- [WHAT IS NEEDED]: Below are records; count the lines that hold the string "slope" and give only the count.

::::::::::

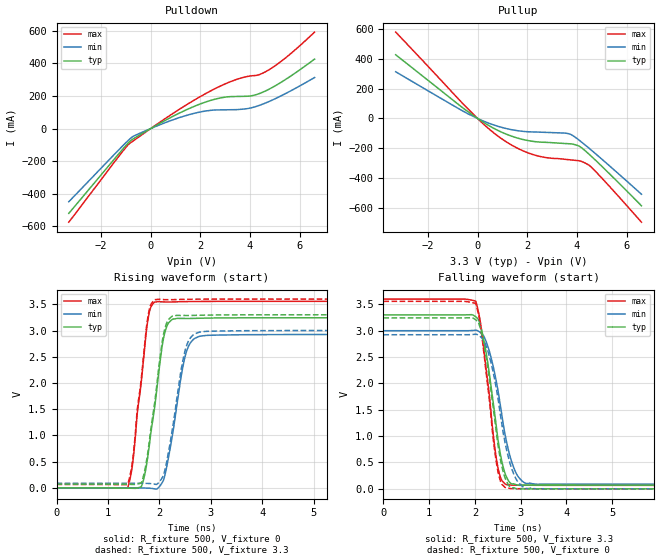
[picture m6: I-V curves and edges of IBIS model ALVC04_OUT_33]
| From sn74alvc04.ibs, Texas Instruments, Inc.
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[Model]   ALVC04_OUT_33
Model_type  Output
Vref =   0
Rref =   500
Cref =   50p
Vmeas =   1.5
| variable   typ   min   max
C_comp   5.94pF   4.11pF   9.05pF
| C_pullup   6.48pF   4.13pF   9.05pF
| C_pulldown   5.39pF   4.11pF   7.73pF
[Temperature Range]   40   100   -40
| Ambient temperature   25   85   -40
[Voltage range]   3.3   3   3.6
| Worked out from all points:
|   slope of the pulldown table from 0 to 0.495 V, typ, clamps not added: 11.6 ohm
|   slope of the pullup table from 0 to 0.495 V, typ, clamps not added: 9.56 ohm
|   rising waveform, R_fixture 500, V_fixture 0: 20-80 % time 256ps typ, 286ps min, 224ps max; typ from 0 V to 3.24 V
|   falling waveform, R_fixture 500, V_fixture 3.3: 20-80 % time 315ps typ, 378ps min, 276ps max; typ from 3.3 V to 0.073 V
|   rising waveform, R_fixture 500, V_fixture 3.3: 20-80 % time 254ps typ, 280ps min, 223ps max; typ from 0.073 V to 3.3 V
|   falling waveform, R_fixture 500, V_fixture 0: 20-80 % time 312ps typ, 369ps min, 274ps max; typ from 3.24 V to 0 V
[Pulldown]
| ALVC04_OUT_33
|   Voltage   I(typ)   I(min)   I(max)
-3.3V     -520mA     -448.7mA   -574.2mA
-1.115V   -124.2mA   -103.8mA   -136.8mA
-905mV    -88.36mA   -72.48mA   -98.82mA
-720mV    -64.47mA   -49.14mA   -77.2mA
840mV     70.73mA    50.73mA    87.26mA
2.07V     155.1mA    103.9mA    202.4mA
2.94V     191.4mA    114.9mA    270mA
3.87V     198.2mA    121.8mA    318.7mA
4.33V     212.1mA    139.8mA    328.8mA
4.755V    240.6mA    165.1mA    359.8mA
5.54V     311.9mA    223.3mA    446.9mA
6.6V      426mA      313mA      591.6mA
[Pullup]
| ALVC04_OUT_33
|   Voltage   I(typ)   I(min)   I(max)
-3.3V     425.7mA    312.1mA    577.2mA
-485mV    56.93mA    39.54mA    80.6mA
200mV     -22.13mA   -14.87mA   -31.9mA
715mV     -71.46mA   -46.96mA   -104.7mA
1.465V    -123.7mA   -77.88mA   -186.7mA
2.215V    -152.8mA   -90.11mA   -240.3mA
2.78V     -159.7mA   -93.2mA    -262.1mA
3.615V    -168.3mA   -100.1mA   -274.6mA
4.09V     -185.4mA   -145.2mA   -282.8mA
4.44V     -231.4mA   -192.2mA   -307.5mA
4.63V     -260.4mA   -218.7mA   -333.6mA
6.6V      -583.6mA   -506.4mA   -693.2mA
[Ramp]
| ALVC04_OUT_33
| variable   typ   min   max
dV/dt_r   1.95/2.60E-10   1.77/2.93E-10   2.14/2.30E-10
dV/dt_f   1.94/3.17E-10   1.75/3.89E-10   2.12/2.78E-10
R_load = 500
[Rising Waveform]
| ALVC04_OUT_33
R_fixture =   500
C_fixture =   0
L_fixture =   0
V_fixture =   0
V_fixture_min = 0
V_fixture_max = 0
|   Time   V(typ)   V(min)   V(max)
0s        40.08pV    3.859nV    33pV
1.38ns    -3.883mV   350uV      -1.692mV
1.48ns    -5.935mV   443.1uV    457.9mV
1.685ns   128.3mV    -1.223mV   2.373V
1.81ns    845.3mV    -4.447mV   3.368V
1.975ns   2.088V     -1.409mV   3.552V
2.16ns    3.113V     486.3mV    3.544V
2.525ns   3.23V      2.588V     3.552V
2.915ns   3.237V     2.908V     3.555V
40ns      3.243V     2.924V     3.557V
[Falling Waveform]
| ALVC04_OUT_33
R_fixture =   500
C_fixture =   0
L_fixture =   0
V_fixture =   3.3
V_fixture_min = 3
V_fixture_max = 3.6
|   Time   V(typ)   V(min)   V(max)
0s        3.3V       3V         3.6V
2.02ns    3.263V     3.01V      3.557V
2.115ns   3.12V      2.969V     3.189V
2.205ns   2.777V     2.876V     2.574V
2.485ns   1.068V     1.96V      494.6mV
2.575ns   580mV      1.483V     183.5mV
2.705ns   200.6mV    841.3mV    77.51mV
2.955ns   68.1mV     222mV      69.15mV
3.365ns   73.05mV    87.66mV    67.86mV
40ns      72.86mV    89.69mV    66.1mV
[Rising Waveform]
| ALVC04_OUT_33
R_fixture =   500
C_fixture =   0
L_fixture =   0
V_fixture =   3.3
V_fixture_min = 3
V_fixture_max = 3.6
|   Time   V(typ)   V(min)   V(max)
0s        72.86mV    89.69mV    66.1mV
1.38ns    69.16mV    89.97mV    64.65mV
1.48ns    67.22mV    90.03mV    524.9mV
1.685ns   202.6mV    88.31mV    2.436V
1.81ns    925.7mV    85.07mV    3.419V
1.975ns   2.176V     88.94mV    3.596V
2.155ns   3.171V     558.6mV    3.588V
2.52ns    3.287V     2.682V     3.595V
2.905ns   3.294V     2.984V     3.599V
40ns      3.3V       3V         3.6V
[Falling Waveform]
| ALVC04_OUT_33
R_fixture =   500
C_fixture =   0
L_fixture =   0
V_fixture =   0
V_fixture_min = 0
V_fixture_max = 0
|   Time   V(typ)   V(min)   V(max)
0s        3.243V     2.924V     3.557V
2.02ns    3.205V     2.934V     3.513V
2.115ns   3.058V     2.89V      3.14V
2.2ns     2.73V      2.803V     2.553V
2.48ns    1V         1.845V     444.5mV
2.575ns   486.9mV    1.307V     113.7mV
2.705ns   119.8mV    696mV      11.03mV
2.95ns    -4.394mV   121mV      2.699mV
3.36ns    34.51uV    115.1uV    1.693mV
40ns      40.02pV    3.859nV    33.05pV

::::::::::

- [COMPLETED EXERCISE]: 2